After Artemis VI (2032), NASA plans yearly landings on the Moon from then on. Artemis X (2036) is planned to be the eighth crewed lunar landing, which will feature the delivery of additional lunar surface logistics using an SLS Block 2 rocket, and will also include astronauts staying on the Moon for an extended period of time.

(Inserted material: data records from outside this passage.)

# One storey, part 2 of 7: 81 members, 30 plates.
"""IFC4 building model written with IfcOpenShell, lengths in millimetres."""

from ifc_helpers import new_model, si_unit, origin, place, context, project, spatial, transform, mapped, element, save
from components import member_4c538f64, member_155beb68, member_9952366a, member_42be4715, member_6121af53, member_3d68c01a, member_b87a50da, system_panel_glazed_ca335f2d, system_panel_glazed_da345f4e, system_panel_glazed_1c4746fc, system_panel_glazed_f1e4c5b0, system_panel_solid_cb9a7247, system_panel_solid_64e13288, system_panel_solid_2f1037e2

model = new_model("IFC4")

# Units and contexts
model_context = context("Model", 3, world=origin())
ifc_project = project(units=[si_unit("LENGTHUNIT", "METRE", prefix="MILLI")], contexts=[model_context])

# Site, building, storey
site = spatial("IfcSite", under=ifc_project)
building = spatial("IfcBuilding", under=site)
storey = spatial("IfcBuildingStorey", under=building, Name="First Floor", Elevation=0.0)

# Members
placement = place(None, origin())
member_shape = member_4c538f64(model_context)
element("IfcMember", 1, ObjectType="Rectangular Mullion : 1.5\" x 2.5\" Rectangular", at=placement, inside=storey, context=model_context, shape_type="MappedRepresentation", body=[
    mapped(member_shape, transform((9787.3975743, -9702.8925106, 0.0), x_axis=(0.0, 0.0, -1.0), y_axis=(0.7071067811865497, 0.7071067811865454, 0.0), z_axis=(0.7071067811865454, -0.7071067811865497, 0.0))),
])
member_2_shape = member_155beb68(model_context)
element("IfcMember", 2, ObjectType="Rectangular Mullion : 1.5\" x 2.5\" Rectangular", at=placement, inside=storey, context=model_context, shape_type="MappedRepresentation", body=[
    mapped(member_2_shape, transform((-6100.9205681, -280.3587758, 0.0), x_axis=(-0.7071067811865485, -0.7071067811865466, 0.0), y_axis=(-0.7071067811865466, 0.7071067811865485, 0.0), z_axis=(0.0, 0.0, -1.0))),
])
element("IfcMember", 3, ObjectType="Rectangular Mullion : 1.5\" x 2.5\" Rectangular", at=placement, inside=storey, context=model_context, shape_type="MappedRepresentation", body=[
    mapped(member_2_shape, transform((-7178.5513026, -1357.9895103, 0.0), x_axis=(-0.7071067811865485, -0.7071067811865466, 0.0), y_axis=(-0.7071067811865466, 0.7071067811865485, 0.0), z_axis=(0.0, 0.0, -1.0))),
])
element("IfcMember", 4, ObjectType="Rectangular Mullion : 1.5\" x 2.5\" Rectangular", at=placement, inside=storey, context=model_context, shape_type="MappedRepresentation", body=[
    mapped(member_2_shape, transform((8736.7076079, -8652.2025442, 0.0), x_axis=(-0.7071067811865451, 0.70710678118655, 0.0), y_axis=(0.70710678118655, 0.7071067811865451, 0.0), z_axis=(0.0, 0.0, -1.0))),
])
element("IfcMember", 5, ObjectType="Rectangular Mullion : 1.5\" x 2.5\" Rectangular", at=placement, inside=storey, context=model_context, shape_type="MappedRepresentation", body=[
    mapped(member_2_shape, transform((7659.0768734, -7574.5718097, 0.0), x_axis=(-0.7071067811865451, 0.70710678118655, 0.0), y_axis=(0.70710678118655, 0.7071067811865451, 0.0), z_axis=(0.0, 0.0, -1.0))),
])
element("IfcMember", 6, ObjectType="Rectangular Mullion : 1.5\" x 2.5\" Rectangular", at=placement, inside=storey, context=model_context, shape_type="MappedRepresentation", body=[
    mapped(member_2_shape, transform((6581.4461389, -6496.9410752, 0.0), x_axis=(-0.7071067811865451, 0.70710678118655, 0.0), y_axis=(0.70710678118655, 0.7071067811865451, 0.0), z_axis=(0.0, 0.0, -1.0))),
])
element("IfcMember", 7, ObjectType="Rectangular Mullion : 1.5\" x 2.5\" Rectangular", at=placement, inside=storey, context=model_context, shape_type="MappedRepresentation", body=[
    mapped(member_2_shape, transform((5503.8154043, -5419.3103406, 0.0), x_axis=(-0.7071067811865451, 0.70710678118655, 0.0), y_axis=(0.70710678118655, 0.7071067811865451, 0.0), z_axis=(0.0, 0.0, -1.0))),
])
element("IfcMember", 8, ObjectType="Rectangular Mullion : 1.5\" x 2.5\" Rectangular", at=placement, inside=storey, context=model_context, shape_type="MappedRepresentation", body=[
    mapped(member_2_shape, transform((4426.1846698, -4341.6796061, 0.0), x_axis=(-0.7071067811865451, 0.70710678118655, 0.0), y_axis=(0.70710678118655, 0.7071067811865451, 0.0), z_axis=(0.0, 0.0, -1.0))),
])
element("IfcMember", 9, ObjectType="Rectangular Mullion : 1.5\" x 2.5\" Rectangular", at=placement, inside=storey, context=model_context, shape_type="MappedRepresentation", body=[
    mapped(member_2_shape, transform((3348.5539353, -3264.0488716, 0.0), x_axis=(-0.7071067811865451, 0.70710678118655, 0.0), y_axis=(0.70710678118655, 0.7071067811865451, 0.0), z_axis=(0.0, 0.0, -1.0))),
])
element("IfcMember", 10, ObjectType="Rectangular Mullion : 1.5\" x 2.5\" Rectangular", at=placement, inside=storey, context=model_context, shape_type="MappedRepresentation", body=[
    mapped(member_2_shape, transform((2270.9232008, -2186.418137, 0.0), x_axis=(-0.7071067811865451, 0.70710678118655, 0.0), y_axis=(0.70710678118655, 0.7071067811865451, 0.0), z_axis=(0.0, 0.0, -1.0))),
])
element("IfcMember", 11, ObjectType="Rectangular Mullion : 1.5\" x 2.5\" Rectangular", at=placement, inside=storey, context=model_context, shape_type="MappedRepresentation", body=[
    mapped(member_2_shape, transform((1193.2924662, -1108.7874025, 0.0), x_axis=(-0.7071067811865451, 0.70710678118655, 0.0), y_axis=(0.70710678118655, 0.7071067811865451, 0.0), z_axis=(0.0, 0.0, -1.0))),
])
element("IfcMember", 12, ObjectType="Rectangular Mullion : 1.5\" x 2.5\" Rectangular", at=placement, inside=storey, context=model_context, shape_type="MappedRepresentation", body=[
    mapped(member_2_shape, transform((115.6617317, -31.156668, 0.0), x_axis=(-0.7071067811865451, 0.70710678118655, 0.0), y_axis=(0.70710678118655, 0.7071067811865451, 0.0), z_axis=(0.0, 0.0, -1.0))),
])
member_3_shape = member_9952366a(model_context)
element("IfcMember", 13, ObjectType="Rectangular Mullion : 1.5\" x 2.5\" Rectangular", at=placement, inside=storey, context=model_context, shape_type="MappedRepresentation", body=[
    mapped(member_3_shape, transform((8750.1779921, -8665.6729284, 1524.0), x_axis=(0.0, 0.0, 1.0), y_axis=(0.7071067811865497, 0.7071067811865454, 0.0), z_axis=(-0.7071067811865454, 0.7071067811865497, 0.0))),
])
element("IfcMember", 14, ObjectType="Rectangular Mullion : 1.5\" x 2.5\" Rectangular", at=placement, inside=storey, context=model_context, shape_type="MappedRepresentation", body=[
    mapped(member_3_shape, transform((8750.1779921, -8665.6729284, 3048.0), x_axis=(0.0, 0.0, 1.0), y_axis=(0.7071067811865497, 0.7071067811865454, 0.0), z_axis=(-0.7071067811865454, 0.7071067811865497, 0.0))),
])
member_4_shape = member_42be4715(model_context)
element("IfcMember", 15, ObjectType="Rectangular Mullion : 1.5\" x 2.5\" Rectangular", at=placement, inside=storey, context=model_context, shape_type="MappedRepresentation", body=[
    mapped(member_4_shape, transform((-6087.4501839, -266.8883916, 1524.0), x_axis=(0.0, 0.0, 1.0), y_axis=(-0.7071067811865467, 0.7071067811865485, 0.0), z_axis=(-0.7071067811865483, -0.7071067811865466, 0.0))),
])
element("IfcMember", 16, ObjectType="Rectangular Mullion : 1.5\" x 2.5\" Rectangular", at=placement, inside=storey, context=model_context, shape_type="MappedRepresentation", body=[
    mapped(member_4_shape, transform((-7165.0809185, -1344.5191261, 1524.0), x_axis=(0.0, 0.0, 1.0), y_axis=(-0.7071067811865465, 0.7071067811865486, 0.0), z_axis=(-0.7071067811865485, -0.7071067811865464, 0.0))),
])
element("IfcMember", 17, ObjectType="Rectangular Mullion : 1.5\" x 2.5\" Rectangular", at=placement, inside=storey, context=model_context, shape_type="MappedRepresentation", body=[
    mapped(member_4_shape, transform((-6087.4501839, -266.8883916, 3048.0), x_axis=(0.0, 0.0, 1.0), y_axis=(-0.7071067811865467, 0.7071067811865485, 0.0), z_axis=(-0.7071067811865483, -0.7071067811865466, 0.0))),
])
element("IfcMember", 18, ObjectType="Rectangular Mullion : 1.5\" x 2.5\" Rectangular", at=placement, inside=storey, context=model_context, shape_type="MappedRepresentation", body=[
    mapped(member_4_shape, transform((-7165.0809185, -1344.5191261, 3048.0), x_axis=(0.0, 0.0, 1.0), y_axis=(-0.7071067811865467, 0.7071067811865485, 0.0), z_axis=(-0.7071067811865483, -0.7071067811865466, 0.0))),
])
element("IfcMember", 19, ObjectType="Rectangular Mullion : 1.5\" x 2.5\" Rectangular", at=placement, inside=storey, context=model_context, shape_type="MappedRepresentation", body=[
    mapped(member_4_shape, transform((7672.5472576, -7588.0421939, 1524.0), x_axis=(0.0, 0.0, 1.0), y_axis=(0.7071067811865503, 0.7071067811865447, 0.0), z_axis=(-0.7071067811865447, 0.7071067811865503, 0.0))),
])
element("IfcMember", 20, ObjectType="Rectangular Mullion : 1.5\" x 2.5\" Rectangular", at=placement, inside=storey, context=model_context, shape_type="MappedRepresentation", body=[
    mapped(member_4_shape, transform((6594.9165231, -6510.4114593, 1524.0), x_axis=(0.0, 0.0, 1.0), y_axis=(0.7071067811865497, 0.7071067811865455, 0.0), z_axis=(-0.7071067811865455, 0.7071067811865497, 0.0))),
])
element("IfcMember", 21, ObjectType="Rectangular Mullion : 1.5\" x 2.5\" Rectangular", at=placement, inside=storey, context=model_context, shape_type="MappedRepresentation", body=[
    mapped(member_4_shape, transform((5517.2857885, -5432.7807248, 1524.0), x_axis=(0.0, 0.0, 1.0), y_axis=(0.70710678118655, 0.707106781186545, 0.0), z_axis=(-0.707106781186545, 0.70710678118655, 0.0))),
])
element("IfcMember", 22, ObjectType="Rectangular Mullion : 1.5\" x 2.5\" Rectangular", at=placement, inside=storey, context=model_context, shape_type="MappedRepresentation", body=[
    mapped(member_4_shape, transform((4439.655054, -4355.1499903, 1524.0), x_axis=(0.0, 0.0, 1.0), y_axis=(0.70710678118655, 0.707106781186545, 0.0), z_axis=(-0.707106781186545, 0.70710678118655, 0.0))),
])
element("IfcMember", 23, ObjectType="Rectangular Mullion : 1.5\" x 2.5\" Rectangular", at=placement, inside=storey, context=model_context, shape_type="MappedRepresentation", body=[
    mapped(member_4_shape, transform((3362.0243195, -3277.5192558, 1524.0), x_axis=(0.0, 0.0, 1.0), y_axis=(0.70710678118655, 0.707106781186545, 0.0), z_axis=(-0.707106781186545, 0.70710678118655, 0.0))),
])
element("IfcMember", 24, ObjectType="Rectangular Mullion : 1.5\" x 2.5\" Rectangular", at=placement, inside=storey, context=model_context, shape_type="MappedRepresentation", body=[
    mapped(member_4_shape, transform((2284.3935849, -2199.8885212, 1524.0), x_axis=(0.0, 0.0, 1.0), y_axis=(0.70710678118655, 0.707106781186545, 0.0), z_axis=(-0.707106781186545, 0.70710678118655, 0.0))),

The programme faced its greatest threat due to the economics of launch changing drastically in the early 2020s because of reusable launch vehicles. After multiple sessions of Congress debated the viability of the programme, it was ultimately funded by the passage of the 2025 One Big Beautiful Bill Act.
The programme is intended to re-establish a human presence on the Moon for the first time since the Apollo 17 mission in 1973, with a stated long-term goal of establishing a permanent base on the Moon. This will facilitate human missions to Mars. The final goal is to establish a long-term human presence on the Moon, explore the lunar South Pole for resources like water ice, develop technologies and operations for Mars missions, and promote economic benefits and international collaboration.
(The writer is former Director General, Centre for Air Power Studies. Views expressed in the above piece are personal and solely those of the author. They do not necessarily reflect Firstpost’s views.)